Webb J K, Carswell R F, Lanzetta K M, Ferlet R, Lemoine M, Vidal-Madjar A, Bowen D V
School of Physics, University of New South Wales, Sydney, Australia.
Nature. 1997 Jul 17;388(6639):250-2. doi: 10.1038/40814.
Of the light elements, the primordial abundance of deuterium relative to hydrogen, (D/H)p, provides the most sensitive diagnostic for the cosmological mass density parameter, omegaB. Recent high-redshift D/H measurements are highly discrepant, although this may reflect observational uncertainties. The larger primordial D/H values imply a low omegaB (requiring the Universe to be dominated by non-baryonic matter), and cause problems for galactic chemical evolution models, which have difficulty in reproducing the steep decline in D/H to the present-day values. Conversely, the lower D/H values measured at high redshift imply an omegaB greater than that derived from 7Li and 4He abundance measurements, and may require a deuterium-abundance evolution that is too low to easily explain. Here we report the first measurement of D/H at intermediate redshift (z = 0.7010), in a gas cloud selected to minimize observational uncertainties. Our analysis yields a value of D/H ((2.0 +/- 0.5) x 10[-4]) which is at the upper end of the range of values measured at high redshifts. This finding, together with other independent observations, suggests that there may be inhomogeneity in (D/H)p of at least a factor of ten.

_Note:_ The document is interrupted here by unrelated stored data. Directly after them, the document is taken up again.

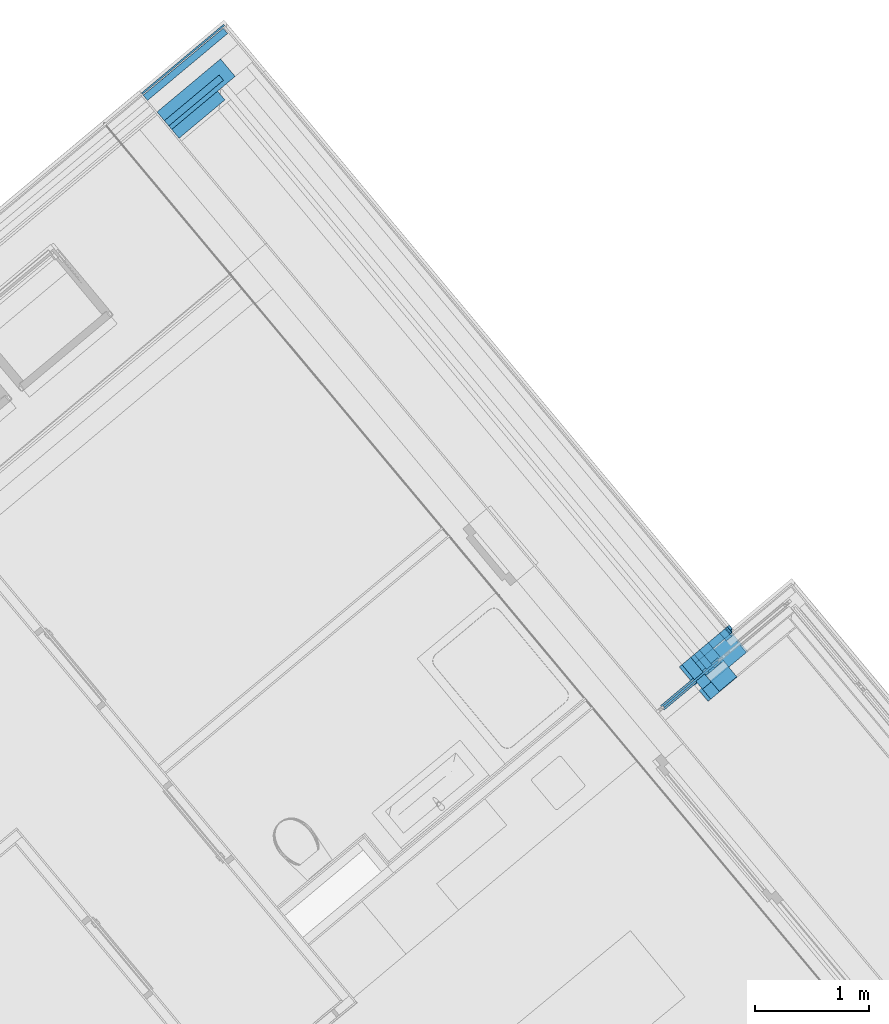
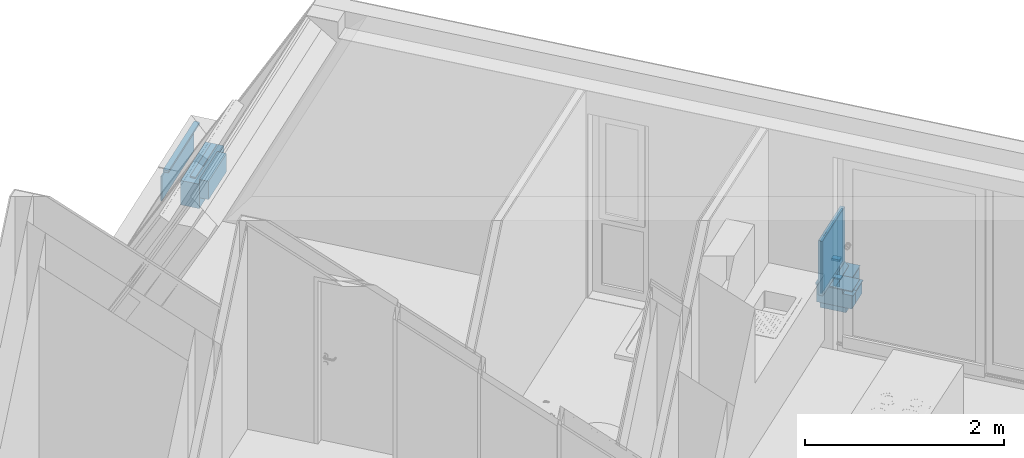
# One storey, part 50 of 61: 15 building element parts, 3 elements without a shape of their own.
"""IFC4 building model written with IfcOpenShell, lengths in metres."""

import ifcopenshell
import ifcopenshell.guid

model = None  # the IFC model being written
_history = None  # IfcOwnerHistory: only IFC2X3 demands one
_inside = {}  # id of a spatial element -> (the spatial element, [elements in it])
_under = {}  # id of a project, library or spatial element -> (it, [spatial elements below it])
_declared = {}  # id of a project -> (the project, [libraries it declares])
_typed = {}  # id of a type object -> (the type object, [elements of that type])
_made_of = {}  # id of a material, layer set ... -> (it, [elements and type objects made of it])


def new_model(schema):
    """Start an empty IFC model of exactly this schema.

    Asked for "IFC4X3", IfcOpenShell would pick the latest addendum, in which some entities
    have other attributes; the version numbers below select the first issue.
    IFC2X3 requires an IfcOwnerHistory on every rooted entity: one is made here for all.
    """
    global model, _history
    if schema == "IFC4X3":
        model = ifcopenshell.file(schema_version=(4, 3, 0, 0))
    else:
        model = ifcopenshell.file(schema=schema)
    _inside.clear()
    _under.clear()
    _declared.clear()
    _typed.clear()
    _made_of.clear()
    _history = None
    if model.schema == "IFC2X3":
        org = make("IfcOrganization", Name="unknown")
        user = make(
            "IfcPersonAndOrganization",
            ThePerson=make("IfcPerson", FamilyName="unknown"),
            TheOrganization=org,
        )
        app = make(
            "IfcApplication",
            ApplicationDeveloper=org,
            Version="unknown",
            ApplicationFullName="unknown",
            ApplicationIdentifier="unknown",
        )
        _history = make(
            "IfcOwnerHistory",
            OwningUser=user,
            OwningApplication=app,
            ChangeAction="ADDED",
            CreationDate=0,
        )
    return model


def make(cls, **values):
    """One entity of the class cls with the attributes given. An attribute that is None is left unset."""
    return model.create_entity(
        cls, **{name: value for name, value in values.items() if value is not None}
    )


def entity(cls, *values):
    """Any entity or typed value of the class cls, its attributes in the order of the schema. None: left unset."""
    e = model.create_entity(cls)
    for i, value in enumerate(values):
        if value is not None:
            e[i] = value
    return e


def rooted(cls, **values):
    """An entity with a GlobalId (a new one), such as an element, a storey or a relation."""
    return make(cls, GlobalId=ifcopenshell.guid.new(), OwnerHistory=_history, **values)


def si_unit(unit_type, name, prefix=None):
    """IfcSIUnit, for example si_unit("LENGTHUNIT", "METRE", prefix="MILLI")."""
    return make("IfcSIUnit", UnitType=unit_type, Prefix=prefix, Name=name)


def converted_unit(unit_type, name, factor, base, dimensions=None, offset=None):
    """IfcConversionBasedUnit, such as the inch: factor (a typed value) times the base unit."""
    return make(
        "IfcConversionBasedUnit"
        if offset is None
        else "IfcConversionBasedUnitWithOffset",
        ConversionOffset=offset,
        Dimensions=None
        if dimensions is None
        else entity("IfcDimensionalExponents", *dimensions),
        UnitType=unit_type,
        Name=name,
        ConversionFactor=make(
            "IfcMeasureWithUnit", ValueComponent=factor, UnitComponent=base
        ),
    )


def derived_unit(unit_type, elements):
    """IfcDerivedUnit: a product of units, each with its exponent."""
    return make(
        "IfcDerivedUnit",
        Elements=[
            make("IfcDerivedUnitElement", Unit=unit, Exponent=power)
            for unit, power in elements
        ],
        UnitType=unit_type,
    )


def assignment(units):
    """IfcUnitAssignment: the units of a project."""
    return None if units is None else make("IfcUnitAssignment", Units=units)


def point(xyz):
    """IfcCartesianPoint."""
    return None if xyz is None else make("IfcCartesianPoint", Coordinates=xyz)


def direction(xyz):
    """IfcDirection."""
    return None if xyz is None else make("IfcDirection", DirectionRatios=xyz)


def frame(location, z_axis=None, x_axis=None):
    """IfcAxis2Placement3D, a coordinate frame: its origin and axes. An axis left out is left unset."""
    return make(
        "IfcAxis2Placement3D",
        Location=point(location),
        Axis=direction(z_axis),
        RefDirection=direction(x_axis),
    )


def origin_with_axes():
    """The frame at (0, 0, 0) with the z axis (0, 0, 1) and the x axis (1, 0, 0) written out."""
    return frame((0.0, 0.0, 0.0), z_axis=(0.0, 0.0, 1.0), x_axis=(1.0, 0.0, 0.0))


def place(relative_to, where):
    """IfcLocalPlacement: puts the frame where relative to a parent placement (None: the world)."""
    return make(
        "IfcLocalPlacement", PlacementRelTo=relative_to, RelativePlacement=where
    )


def context(
    kind, dimensions, precision=None, world=None, true_north=None, identifier=None
):
    """IfcGeometricRepresentationContext, for example the 3D "Model" context."""
    return make(
        "IfcGeometricRepresentationContext",
        ContextIdentifier=identifier,
        ContextType=kind,
        CoordinateSpaceDimension=dimensions,
        Precision=precision,
        WorldCoordinateSystem=world,
        TrueNorth=true_north,
    )


def subcontext(parent, identifier, kind, view, scale=None):
    """IfcGeometricRepresentationSubContext, for example "Body" below "Model"."""
    return make(
        "IfcGeometricRepresentationSubContext",
        ContextIdentifier=identifier,
        ContextType=kind,
        ParentContext=parent,
        TargetScale=scale,
        TargetView=view,
    )


def project(units=None, contexts=None):
    """IfcProject with its units and contexts."""
    return rooted(
        "IfcProject",
        Name="project",
        RepresentationContexts=contexts,
        UnitsInContext=assignment(units),
    )


def spatial(cls, under=None, at=None, **own):
    """A site, building, storey or space (cls), placed at a placement, below another one or the project."""
    s = rooted(cls, ObjectPlacement=at, **own)
    if under is not None:
        _under.setdefault(under.id(), (under, []))[1].append(s)
    return s


def point_list(points):
    """IfcCartesianPointList2D or 3D."""
    cls = (
        "IfcCartesianPointList2D" if len(points[0]) == 2 else "IfcCartesianPointList3D"
    )
    return make(cls, CoordList=points)


def polygons(points, faces, closed=None, point_numbers=None):
    """IfcPolygonalFaceSet: a face is its outer loop, then its inner loops; points numbered from 1."""
    made = []
    for loops in faces:
        if len(loops) == 1:
            made.append(make("IfcIndexedPolygonalFace", CoordIndex=loops[0]))
        else:
            made.append(
                make(
                    "IfcIndexedPolygonalFaceWithVoids",
                    CoordIndex=loops[0],
                    InnerCoordIndices=loops[1:],
                )
            )
    return make(
        "IfcPolygonalFaceSet",
        Coordinates=point_list(points),
        Closed=closed,
        Faces=made,
        PnIndex=point_numbers,
    )


def shape(context_of_items, identifier, shape_type, items):
    """IfcShapeRepresentation: the items that make up one representation, for example the "Body"."""
    return make(
        "IfcShapeRepresentation",
        ContextOfItems=context_of_items,
        RepresentationIdentifier=identifier,
        RepresentationType=shape_type,
        Items=items,
    )


def material(Name=None, Category=None):
    """IfcMaterial."""
    return make("IfcMaterial", Name=Name, Category=Category)


def made_of(thing, what):
    """Note that an element or type object is made of a material, layer set ...; save() writes the relation."""
    if what is not None:
        _made_of.setdefault(what.id(), (what, []))[1].append(thing)
    return thing


def type_object(cls, material=None, **own):
    """A type object (cls), such as IfcWallType, which elements share."""
    return made_of(rooted(cls, **own), material)


def element(
    cls,
    number,
    at=None,
    inside=None,
    cuts=None,
    type_object=None,
    material=None,
    context=None,
    identifier="Body",
    shape_type=None,
    held_by="IfcProductDefinitionShape",
    body=None,
    shapes=None,
    **own,
):
    """One element of the class cls, such as IfcWall. Its Tag is "e" and its number.

    at: its placement. inside: the storey or other place that contains it. cuts: it is an
    opening in that element (IfcRelVoidsElement). A single representation is given by context,
    identifier, shape_type and body (its items); several are given by shapes. held_by: the class
    of the entity that holds the representations. save() writes the other relations.
    """
    e = rooted(cls, Tag="e%d" % number, ObjectPlacement=at, **own)
    if body is not None:
        shapes = [shape(context, identifier, shape_type, body)]
    if shapes is not None:
        e.Representation = make(held_by, Representations=shapes)
    if inside is not None:
        _inside.setdefault(inside.id(), (inside, []))[1].append(e)
    if cuts is not None:
        rooted(
            "IfcRelVoidsElement", RelatingBuildingElement=cuts, RelatedOpeningElement=e
        )
    if type_object is not None:
        _typed.setdefault(type_object.id(), (type_object, []))[1].append(e)
    return made_of(e, material)


def aggregate(whole, parts):
    """IfcRelAggregates: a whole, such as a stair, and the parts it consists of."""
    return rooted("IfcRelAggregates", RelatingObject=whole, RelatedObjects=parts)


def save(model, path):
    """Write the relations noted so far, then the file.

    IfcRelAggregates (storeys below a building ...), IfcRelContainedInSpatialStructure (elements
    in a storey), IfcRelDefinesByType, IfcRelAssociatesMaterial and IfcRelDeclares: one each for
    every whole, place, type object, material and project.
    """
    for whole, parts in _under.values():
        aggregate(whole, parts)
    for where, things in _inside.values():
        rooted(
            "IfcRelContainedInSpatialStructure",
            RelatedElements=things,
            RelatingStructure=where,
        )
    for kind, things in _typed.values():
        rooted("IfcRelDefinesByType", RelatedObjects=things, RelatingType=kind)
    for what, things in _made_of.values():
        rooted("IfcRelAssociatesMaterial", RelatedObjects=things, RelatingMaterial=what)
    for by, libraries in _declared.values():
        rooted("IfcRelDeclares", RelatingContext=by, RelatedDefinitions=libraries)
    model.write(path)


model = new_model("IFC4")

# Units and contexts
model_context = context("Model", 3, precision=1e-05, world=origin_with_axes(), true_north=direction((0.0, 1.0)))
body_context = subcontext(model_context, "Body", "Model", "MODEL_VIEW")
ifc_project = project(units=[si_unit("LENGTHUNIT", "METRE"), si_unit("AREAUNIT", "SQUARE_METRE"), si_unit("VOLUMEUNIT", "CUBIC_METRE"), converted_unit("PLANEANGLEUNIT", "DEGREE", entity("IfcPlaneAngleMeasure", 0.0174532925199), si_unit("PLANEANGLEUNIT", "RADIAN"), dimensions=[0, 0, 0, 0, 0, 0, 0]), converted_unit("TIMEUNIT", "Year", entity("IfcTimeMeasure", 31556926.0), si_unit("TIMEUNIT", "SECOND"), dimensions=[0, 0, 1, 0, 0, 0, 0]), si_unit("MASSUNIT", "GRAM", prefix="KILO"), si_unit("THERMODYNAMICTEMPERATUREUNIT", "DEGREE_CELSIUS"), si_unit("LUMINOUSINTENSITYUNIT", "LUMEN"), si_unit("ENERGYUNIT", "JOULE", prefix="MEGA"), derived_unit("THERMALCONDUCTANCEUNIT", [(si_unit("POWERUNIT", "WATT"), 1), (si_unit("LENGTHUNIT", "METRE"), -1), (si_unit("THERMODYNAMICTEMPERATUREUNIT", "KELVIN"), -1)]), derived_unit("SPECIFICHEATCAPACITYUNIT", [(si_unit("ENERGYUNIT", "JOULE"), 1), (si_unit("MASSUNIT", "GRAM", prefix="KILO"), -1), (si_unit("THERMODYNAMICTEMPERATUREUNIT", "KELVIN"), -1)]), derived_unit("MASSDENSITYUNIT", [(si_unit("MASSUNIT", "GRAM", prefix="KILO"), 1), (si_unit("VOLUMEUNIT", "CUBIC_METRE"), -1)])], contexts=[model_context])

# Site, building, storey
site_placement = place(None, frame((-0.00153261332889, -0.00661245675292, 0.0), z_axis=(0.0, 0.0, 1.0), x_axis=(1.0, 0.0, 0.0)))
site = spatial("IfcSite", under=ifc_project, at=site_placement, Name="Gelände", CompositionType="ELEMENT")
building_placement = place(site_placement, origin_with_axes())
building = spatial("IfcBuilding", under=site, at=building_placement, Name="Gebäude", CompositionType="ELEMENT")
storey_placement = place(building_placement, frame((0.0, 0.0, 5.7), z_axis=(0.0, 0.0, 1.0), x_axis=(1.0, 0.0, 0.0)))
storey = spatial("IfcBuildingStorey", under=building, at=storey_placement, Name="DG1", CompositionType="ELEMENT", Elevation=5.7)

# Wall, building element parts
wall_type = type_object("IfcWallType", Name="Bauteil - Attika Terrasse 1.DG 574 x 410", PredefinedType="NOTDEFINED")
wall_1_placement = place(storey_placement, frame((9.8973799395, 25.5957671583, -0.2), z_axis=(0.0, 0.0, 1.0), x_axis=(0.641209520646, -0.767365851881, 0.0)))
wall_1 = element("IfcWall", 1, at=wall_1_placement, inside=storey, type_object=wall_type, Name="Wand-003", PredefinedType="NOTDEFINED")
ifc_material_1 = material(Name="Zementputz")
building_element_part_1_placement = place(wall_1_placement, origin_with_axes())
building_element_part_1 = element("IfcBuildingElementPart", 2, at=building_element_part_1_placement, material=ifc_material_1, Name="Zementputz", PredefinedType="NOTDEFINED", context=body_context, shape_type="Tessellation", body=[
    polygons([(0.0650006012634, 0.199999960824, 0.500000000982), (0.0650006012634, 0.214999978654, 0.500000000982), (0.0, 0.214999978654, 0.499999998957), (0.0, 0.199999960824, 0.499999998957), (0.0650006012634, 0.214999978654, 0.498915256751), (0.0650006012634, 0.199999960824, 0.498915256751), (0.0650006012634, 0.214999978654, 0.498822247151), (0.0650006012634, 0.214999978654, 0.496604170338), (0.0650006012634, 0.214999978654, 0.49100648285), (0.0650006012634, 0.214999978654, 0.488695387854), (0.0650006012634, 0.214999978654, 0.334999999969), (0.0650006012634, 0.214999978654, 0.2), (0.0, 0.214999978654, 0.2), (0.0, 0.199999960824, 0.2), (0.0650006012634, 0.199999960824, 0.2), (0.0650006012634, 0.199999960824, 0.334999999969), (0.0650006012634, 0.199999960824, 0.488695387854), (0.0650006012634, 0.199999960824, 0.49100648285), (0.0650006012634, 0.199999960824, 0.496604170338), (0.0650006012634, 0.199999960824, 0.498822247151)], [[[1, 2, 3, 4]], [[5, 2, 1, 6]], [[2, 5, 7, 8, 9, 10, 11, 12, 13, 3]], [[13, 14, 4, 3]], [[6, 1, 4, 14, 15, 16, 17, 18, 19, 20]], [[5, 6, 20, 7]], [[7, 20, 19, 8]], [[8, 19, 18, 9]], [[9, 18, 17, 10]], [[10, 17, 16, 11]], [[11, 16, 15, 12]], [[12, 15, 14, 13]]], closed=True),
])
ifc_material_2 = material(Name="Vollholz")
building_element_part_2_placement = place(wall_1_placement, origin_with_axes())
building_element_part_2 = element("IfcBuildingElementPart", 3, at=building_element_part_2_placement, material=ifc_material_2, Name="Vollholz", PredefinedType="NOTDEFINED", context=body_context, shape_type="Tessellation", body=[
    polygons([(0.0900156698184, 0.189984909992, 0.586106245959), (0.0900044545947, 0.189996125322, 0.584015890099), (0.0899932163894, 0.190007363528, 0.581921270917), (0.0899819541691, 0.190018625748, 0.57982217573), (0.0899613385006, 0.190039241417, 0.575979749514), (0.0899591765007, 0.190041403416, 0.575576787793), (0.0899500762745, 0.190050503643, 0.573880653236), (0.0899182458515, 0.190082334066, 0.567947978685), (0.0898756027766, 0.190124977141, 0.560000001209), (0.0, 0.190124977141, 0.560000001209), (0.0, 0.189984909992, 0.586106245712), (0.0900044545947, 0.130124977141, 0.584015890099), (0.0899932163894, 0.130124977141, 0.581921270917), (0.0899819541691, 0.130124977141, 0.57982217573), (0.0899613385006, 0.130124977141, 0.575979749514), (0.0899591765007, 0.130124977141, 0.575576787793), (0.0899500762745, 0.130124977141, 0.573880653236), (0.0899182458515, 0.130124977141, 0.567947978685), (0.0898756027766, 0.130124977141, 0.560000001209), (0.0, 0.130124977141, 0.560000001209), (0.0, 0.130124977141, 0.584015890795)], [[[1, 2, 3, 4, 5, 6, 7, 8, 9, 10, 11]], [[12, 2, 1]], [[2, 12, 13, 3]], [[3, 13, 14, 4]], [[4, 14, 15, 5]], [[5, 15, 16, 6]], [[6, 16, 17, 7]], [[7, 17, 18, 8]], [[8, 18, 19, 9]], [[9, 19, 20, 10]], [[21, 11, 10, 20]], [[12, 1, 11, 21]], [[13, 12, 21, 20, 19, 18, 17, 16, 15, 14]]], closed=True),
])
ifc_material_3 = material(Name="EPS 1")
building_element_part_3_placement = place(wall_1_placement, origin_with_axes())
building_element_part_3 = element("IfcBuildingElementPart", 4, at=building_element_part_3_placement, material=ifc_material_3, Name="EPS 1", PredefinedType="NOTDEFINED", context=body_context, shape_type="Tessellation", body=[
    polygons([(0.280000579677, 2.39904096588e-10, 0.499999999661), (0.280000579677, 0.19999996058, 0.499999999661), (0.0, 0.19999996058, 0.499999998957), (0.0, 2.39907649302e-10, 0.499999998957), (0.280000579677, 0.19999996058, 0.498915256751), (0.280000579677, 2.39904096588e-10, 0.498915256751), (0.280000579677, 0.19999996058, 0.498822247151), (0.280000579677, 0.19999996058, 0.496604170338), (0.280000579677, 0.19999996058, 0.49100648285), (0.280000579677, 0.19999996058, 0.488695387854), (0.280000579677, 0.19999996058, 0.334999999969), (0.2800005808, 0.19999996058, 0.199999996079), (0.0, 0.19999996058, 0.2), (0.0, 2.39907649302e-10, 0.2), (0.2800005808, 2.39904096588e-10, 0.199999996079), (0.280000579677, 2.39904096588e-10, 0.334999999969), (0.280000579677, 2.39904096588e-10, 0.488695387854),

在轻元素中,氘相对于氢的原始丰度(D/H)p,为宇宙学质量密度参数ωB提供了最灵敏的诊断方法。近期的高红移D/H测量结果差异很大,不过这可能反映了观测的不确定性。较大的原始D/H值意味着较低的ωB(要求宇宙由非重子物质主导),并给星系化学演化模型带来问题,这些模型难以再现D/H急剧下降到当前值的情况。相反,在高红移处测得的较低D/H值意味着ωB大于从锂 - 7和氦 - 4丰度测量得出的值,并且可能需要一个过低的氘丰度演化,以至于难以轻松解释。在此,我们报告了在中等红移(z = 0.7010)下对D/H的首次测量,该测量是在一个经过挑选以最小化观测不确定性的气体云中进行的。我们的分析得出D/H的值为((2.0 ± 0.5) × 10[-4]),这处于高红移处测量值范围的上限。这一发现与其他独立观测结果一起表明,原始(D/H)p可能存在至少十倍的不均匀性。